Abstract

A flu infection starts with the entry of the influenza virus into an host cell. Entry requires endocytosis of the virus by the host cell and subsequent fusion between the viral and endosomal phospholipid membranes. This important membrane fusion step is catalysed by the influenza fusion peptide whose action mode remains unsung. Detailed knowledge on the fusion peptide is essential for the development of therapeutics as well as to understand many biological processes since membrane fusion is ubiquitous to life.Previous experiments on fusion peptides from various influenza strains and their respective mutants aimed to unveil a structure-function relationship without general agreement.
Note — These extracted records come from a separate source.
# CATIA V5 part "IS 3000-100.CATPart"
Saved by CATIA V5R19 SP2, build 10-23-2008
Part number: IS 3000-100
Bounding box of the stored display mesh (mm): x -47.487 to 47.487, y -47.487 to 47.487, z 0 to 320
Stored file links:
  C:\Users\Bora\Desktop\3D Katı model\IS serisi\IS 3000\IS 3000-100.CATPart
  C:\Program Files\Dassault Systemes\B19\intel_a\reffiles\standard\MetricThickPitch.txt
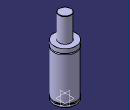
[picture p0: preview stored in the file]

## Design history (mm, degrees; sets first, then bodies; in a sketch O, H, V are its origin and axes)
Body1 (main body)
  Sketch1 on yz-plane, origin (0, 0, 0), H (0, 1, 0), V (0, 0, 1)
    point P1 (47.5, 198.5)
    point P4 (47.5, 193.5)
    point P7 (25, 319)
    point P9 (25, 319)
    point P13 (47.5, 198.5)
    point P14 (47.5, 193.5)
    line L1 (47.5, 198.5) -> (47.5, 217)
    line L2 (47.5, 13) -> (47.5, 193.5)
    line L3 (43.5, 13) -> (43.5, 8)
    arc A1 centre (24, 319) radius 1 from (25, 319) to (24, 320) ccw
    line L4 (25, 319) -> (25, 217)
    line L5 (47.5, 0) -> (47.5, 8)
    arc A2 centre (47.5, 196) radius 2.5 from (47.5, 198.5) to (47.5, 193.5) ccw
    line L6 (24, 320) -> (0, 320)
    point P15 (0, 320)
    line L7 (25, 217) -> (47.5, 217)
    line L8 (43.5, 13) -> (47.5, 13)
    line L9 (43.5, 8) -> (47.5, 8)
    line L10 (47.5, 0) -> (0, 0)
    coincidence: P15 V, P1 P13, P4 P14, P7 P9
    tangency: L6 A1
    horizontal: L7 H, L8 H, L10 H
  Shaft1: profile Sketch1, axis Sketch1.V, angle 360
  Sketch2 on face of Shaft1 from Sketch1.L10, origin (0, 0, 0), H (1, 0, 0), V (0, -1, 0)
    point P1 (30, 0)
    distance P1 V = 30
  Hole1: placed by Sketch2, at (30, 0, 0) direction (0, 0, 1), diameter 6.647, depth 13, threaded "M8", thread diameter 8, thread depth 13, pitch 1.25
  CircPattern1: of Hole1, instances 4, angular step 90, axis from xy-plane

The peptides were shown to adopt a helix-hinge-helix motif essential for fusogenicity, but results diverged on the hinge region which strongly impacts on the peptide structure. The hinge region was sometimes shown as flexible (Dubovskii, Prot. Science 9:786), as a fixed kink (Han, Nat. Struc. Biol. 8:715) or as a tight hairpin (Lorieau, PNAS 107:11341). Similar disagreement occurred in modelling studies (Jang, Proteins 72:299 ; Li, J. Phys. Chem. B 114:8799 ; Panahi, J. Phys. Chem. B 114:1407).In this work, the structure-function relationship of the fusion peptide from type three hemagglutinin and two mutants (F9A and W14A) were studied from extensive explicit solvent molecular dynamics simulations. Our results show that the hinge region of the fusion peptide is flexible and allows it to be in an equilibrium between kinked and helical conformations. The two mutants also show a different flexibility than the wild-type. Moreover, a correlation between peptide flexibility, lipid protrusion (proposed as the membrane fusion catalysis mechanism (Kasson, PLoS Comput. Biol. 6:e1000829)) and fusogenicity reported in the literature was observed.